Ensuring the smoothness of the deformation matrix; the latter term can balance errors in the model initialization output, which means that the closest spatial correspondence is selected under the same similarity position. We experimentally verified that these two regularization constraints are essential for regularizing the transform field, where α and β are the weights of the two regularization constraints, setting α to 1.5 and β to 0.01.

Therefore, the overall loss function of the convolutional neural network-based end-to-end registration model module is represented as:

and an implementation part, wherein the trained image end-to-end registration model can be used for predicting the spatial correspondence between image pairs, and further a deformed floating image is obtained through spatial transformation layer transformation.
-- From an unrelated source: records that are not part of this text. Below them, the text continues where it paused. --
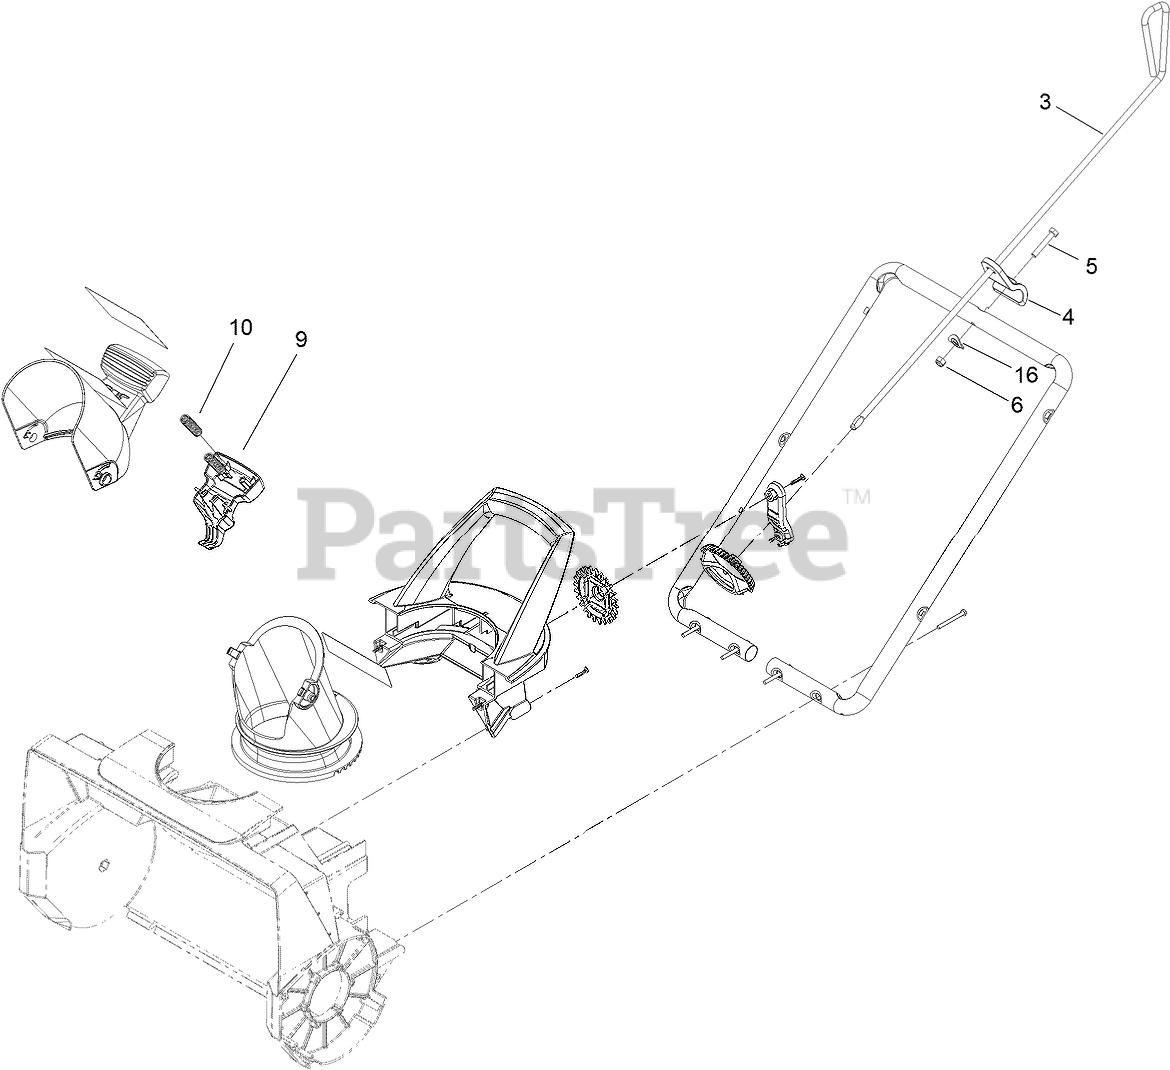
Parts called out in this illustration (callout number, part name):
3	ROD-CONTROL, CHUTE
4	GUIDE-ROD, CHUTE
5	NUT-HEX
6	SCREW-HH TAP
9	TRIGGER-DEFLECTOR
10	SPRING-COMPRESSION
16	WASHER-CUP

The specific steps when the multispectral fundus image registration is carried out through the fundus image registration model are as follows:

step 1-1: acquiring a multispectral fundus image.
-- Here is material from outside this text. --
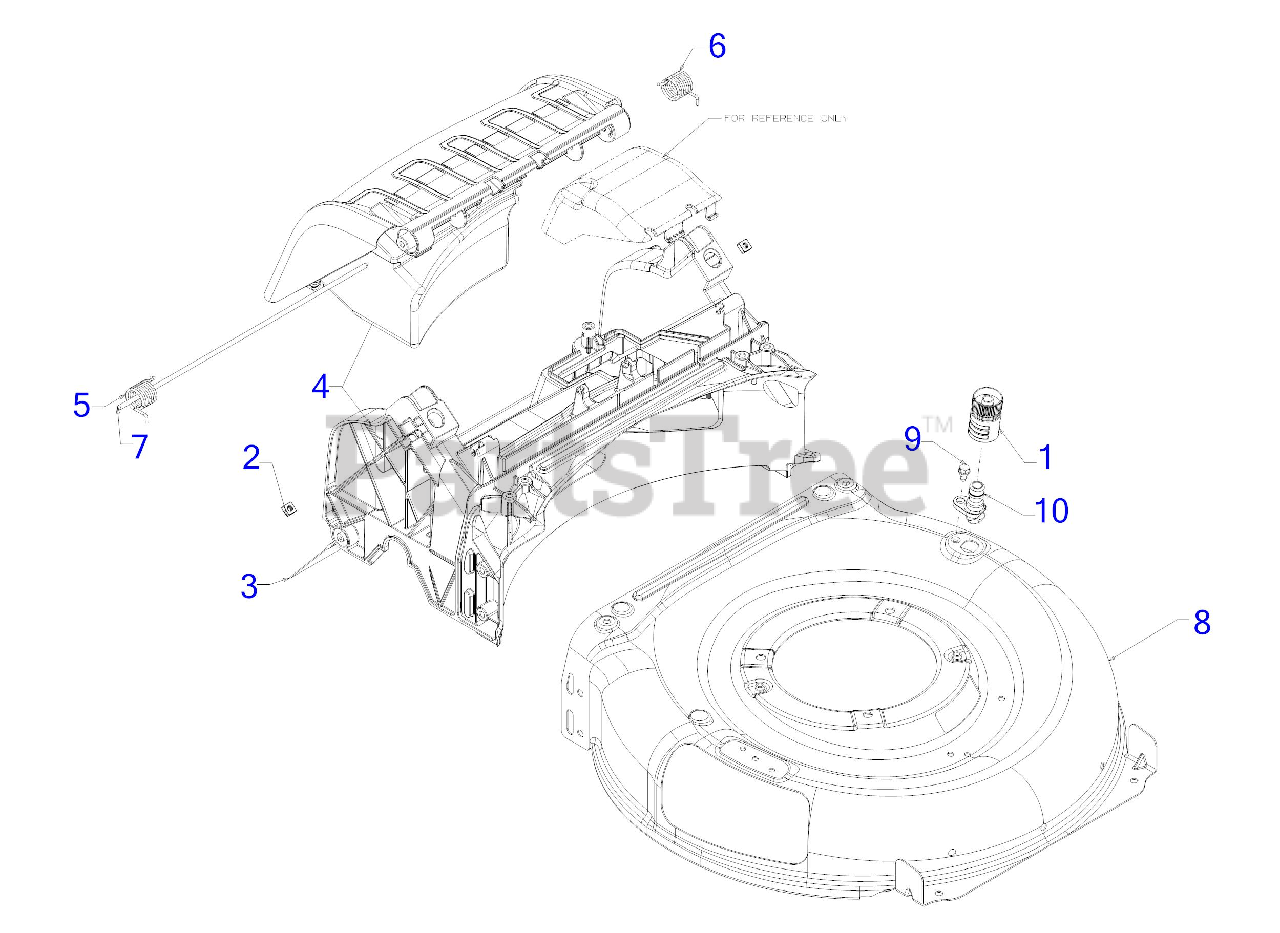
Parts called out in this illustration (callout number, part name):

Specifically, the image used by the training data is a to-be-processed image acquired by multispectral fundus image acquisition equipment or an image pre-stored in a memory. Images acquired by a multispectral fundus image device or images stored in a memory in advance can also be used in the test. Wherein the images used each comprise a series of multispectral fundus images.
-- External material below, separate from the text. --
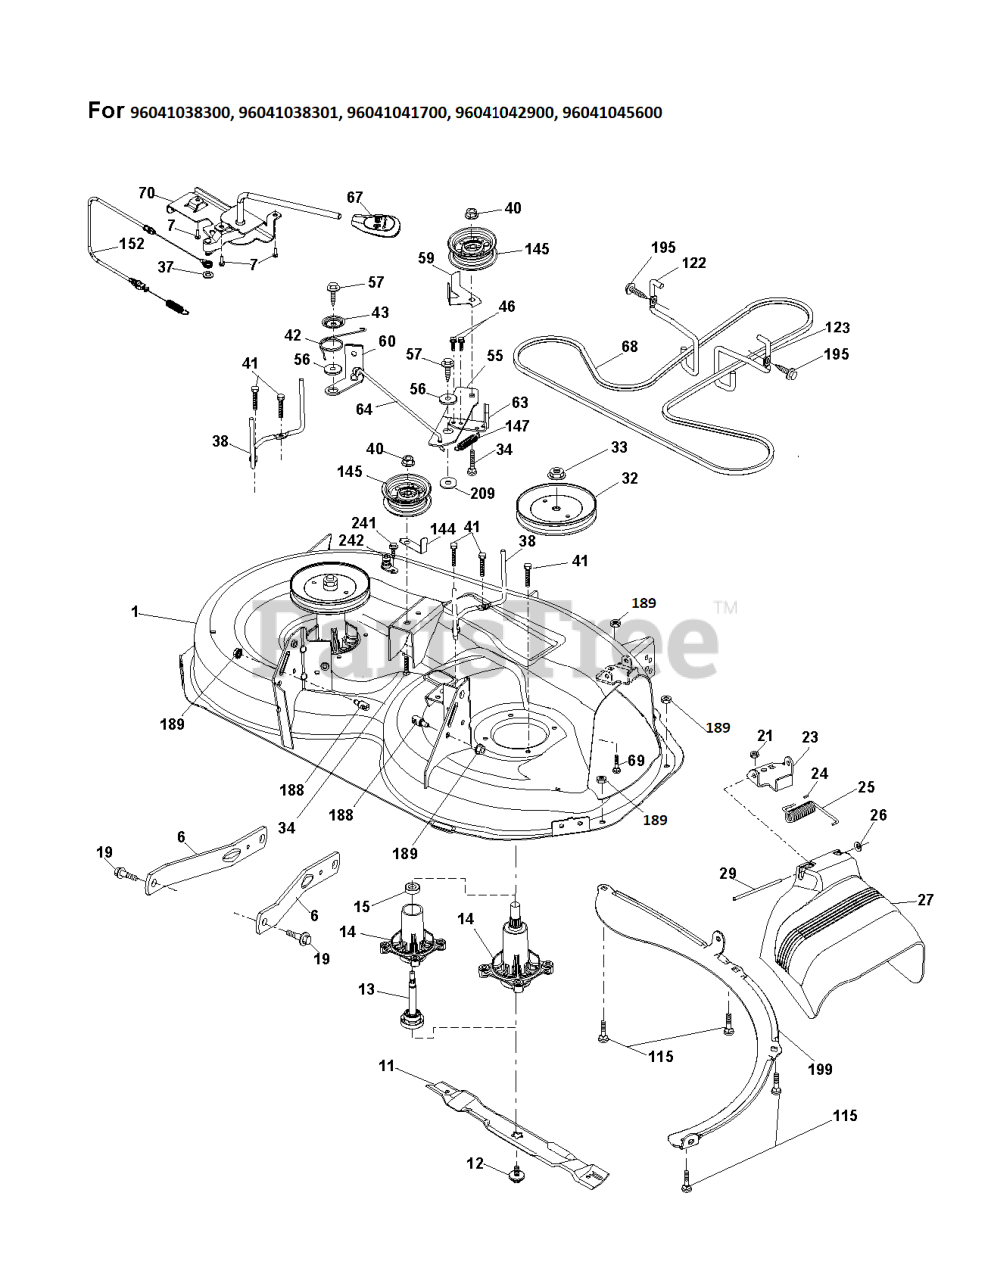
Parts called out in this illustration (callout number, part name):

Step 1-2: the encoder encodes the image features and the decoder obtains the spatial correspondence between the images.

Step 1-3-1: the retinal vessel map corresponding to the floating image is transformed using the spatial transform layer.

Step 1-3-2: the floating image is transformed using a spatial transform layer.

Step 1-4: the loss function calculates the loss and passes the gradient back to the end-to-end registration model, optimizing the parameters in the end-to-end registration model.

Step 1-5: and outputting the spatial corresponding relation matrix between the images predicted by the model and the deformed floating image.

It is to be noted that the model training phase performs: step 1-1, step 1-2, step 1-3-1, step 1-4; the model testing phase executes: step 1-1, step 1-2, step 1-3-2, and step 1-5.

The retina blood vessel segmentation model comprises a training part and an implementation part.

The training portion includes acquiring a multi-spectral fundus image dataset. Data acquisition uses multispectral fundus image acquisition equipment to sequentially realize multi-wavelength image acquisition within a certain time.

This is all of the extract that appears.